The patients and clients who have cognitive impairments are generally considered vulnerable owing to their inability to provide consent coherently. Writing Creek et al. (2010) mentioned that research involving this population requires the permission of the legally authorized persons and then checks various aspects of the research design to ensure understanding and the voluntary part of the participants. This might require, for example, pre-coding of the consent forms, as well as optimal support and supervision during the entire process of the researchers’ work in order to guarantee maximum safety of the rights and well-being of the participants.
Conclusion
In conclusion, the theme of protection of human research participants is considered to be one of the most important principles of ethical research conduct, which has undergone qualitative changes in the process of its development. The evolution of ethical principles in the provision of clinical practices has been richly articulated in literature from the Nuremberg Code to the Belmont Report; principles that have upheld the safety, dignity, and rights of the participants. Principles such as respect for persons, beneficence and justice serve as ideas that can assist the researcher in the choice of the study design to maximize the benefits to the subjects as well as enhance the generation of knowledge.

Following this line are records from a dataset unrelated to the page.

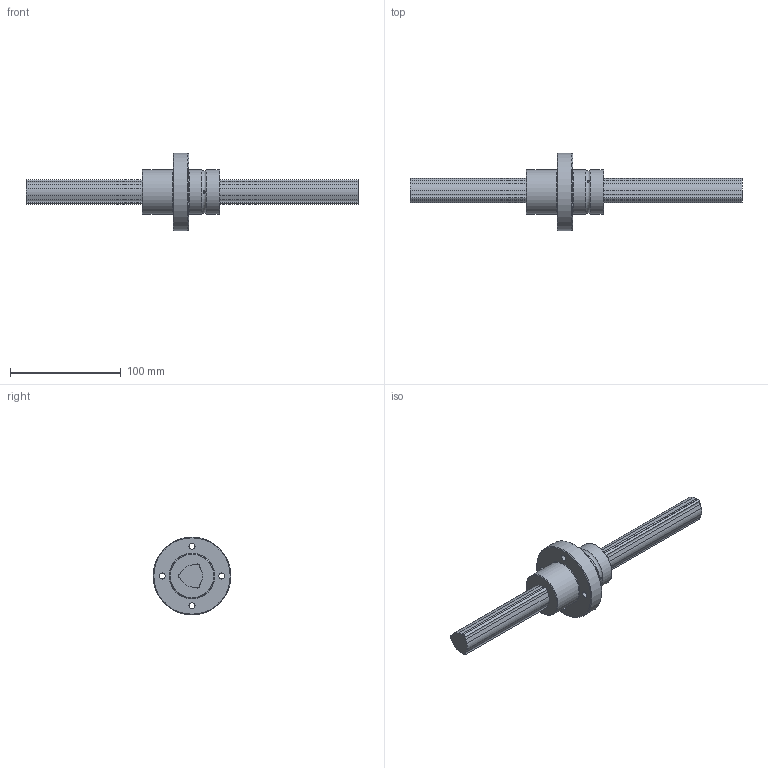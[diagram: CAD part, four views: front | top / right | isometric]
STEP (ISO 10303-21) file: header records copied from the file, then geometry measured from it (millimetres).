
FILE_DESCRIPTION(/* description */ ('STEP AP214'),/* implementation_level */ '2;1');
FILE_NAME(/* name */ 'LBR25+300L(701050)',/* time_stamp */ '2024-09-04T13:07:15+02:00',/* author */ ('License CC BY-ND 4.0'),/* organization */ ('CADENAS'),/* preprocessor_version */ 'ST-DEVELOPER v19.3',/* originating_system */ 'PARTsolutions',/* authorisation */ ' ');
FILE_SCHEMA (('AUTOMOTIVE_DESIGN {1 0 10303 214 3 1 1}'));
Length unit declared in the file: millimetre
Products named in the file (3): LBR25+300L(701050); LBR251300 Spline Shaft; LBR25 Nut
Assembly tree (2 placements, depth 2):
  LBR25+300L(701050)
    LBR251300 Spline Shaft
    LBR25 Nut
Bounding box: 300 x 70.4 x 70.4 mm (x, y, z)
Volume: 200591 mm3; surface area: 45011.2 mm2
Topology: 2 solids, 2 shells, 63 faces, 158 edges, 104 vertices
Faces by surface type: cylinder 35, plane 21, torus 5, cone 2
Full cylindrical faces by diameter (mm): 2 x3, 5.5 x4, 40 x2, 40.35 x1, 70.4 x1
Entity records: 1906 total; most frequent: DIRECTION 338, CARTESIAN_POINT 332, ORIENTED_EDGE 272, AXIS2_PLACEMENT_3D 139, EDGE_CURVE 136, VERTEX_POINT 100, EDGE_LOOP 96, FACE_BOUND 96

To embrace ethical standards, practices aimed at mitigating risks include informing the participants, anonymizing data, and adjusting the research method to the participants’ needs, including those who belong to vulnerable populations. The increasing sophistication of practices may create new problems, whereas the abovementioned principles of research ethics ensure the participants’ protection and maintaining trust is nontrivial. Through following those ethical principles and constantly improving the designs of research, the researchers contribute to the development of knowledge while protecting the individuals’ rights and dignity.
References
Brothers, K. B., Rivera, S. M., Cadigan, R. J., Sharp, R. R., & Goldenberg, A. J. (2019). A Belmont reboot: Building a normative foundation for human research in the 21st century. The Journal of Law, Medicine & Ethics, 47(1), 165–172.
https://doi.org/10.1177/1073110519840497
Delgado, D., Wyss Quintana, F., Perez, G., Sosa Liprandi, A., Ponte-Negretti, C., Mendoza, I., & Baranchuk, A. (2020). Personal safety during the COVID-19 pandemic: Realities and perspectives of healthcare workers in latin america. International Journal of Environmental Research and Public Health, 17(8), 2798.
https://doi.org/10.3390/ijerph17082798
Huria, T., Palmer, S. C., Pitama, S., Beckert, L., Lacey, C., Ewen, S., & Smith, L. T. (2019). Consolidated criteria for strengthening reporting of health research involving indigenous peoples: The CONSIDER statement. BMC Medical Research Methodology, 19(1).
https://doi.org/10.1186/s12874-019-0815-8
Murdoch, B. (2021). Privacy and artificial intelligence: Challenges for protecting health information in a new era. BMC Medical Ethics, 22(1).
https://doi.org/10.1186/s12910-021-00687-3
Nebeker, C., Torous, J., & Bartlett Ellis, R. J. (2019). Building the case for actionable ethics in digital health research supported by artificial intelligence. BMC Medicine, 17(1).
https://doi.org/10.1186/s12916-019-1377-7
Radonovich, L. J., Simberkoff, M. S., Bessesen, M. T., Brown, A. C., Cummings, D. A. T., Gaydos, C. A., Los, J. G., Krosche, A. E., Gibert, C. L., Gorse, G. J., Nyquist, A.-C., Reich, N. G., Rodriguez-Barradas, M. C., Price, C. S., Perl, T. M., & ResPECT investigators. (2019). N95 respirators vs medical masks for preventing influenza among health care personnel: A randomized clinical trial. JAMA, 322(9), 824–833.
https://doi.org/10.1001/jama.2019.11645
Resnik, D. B. (2019). Citizen scientists as human subjects: Ethical issues. Citizen Science: Theory and Practice, 4(1).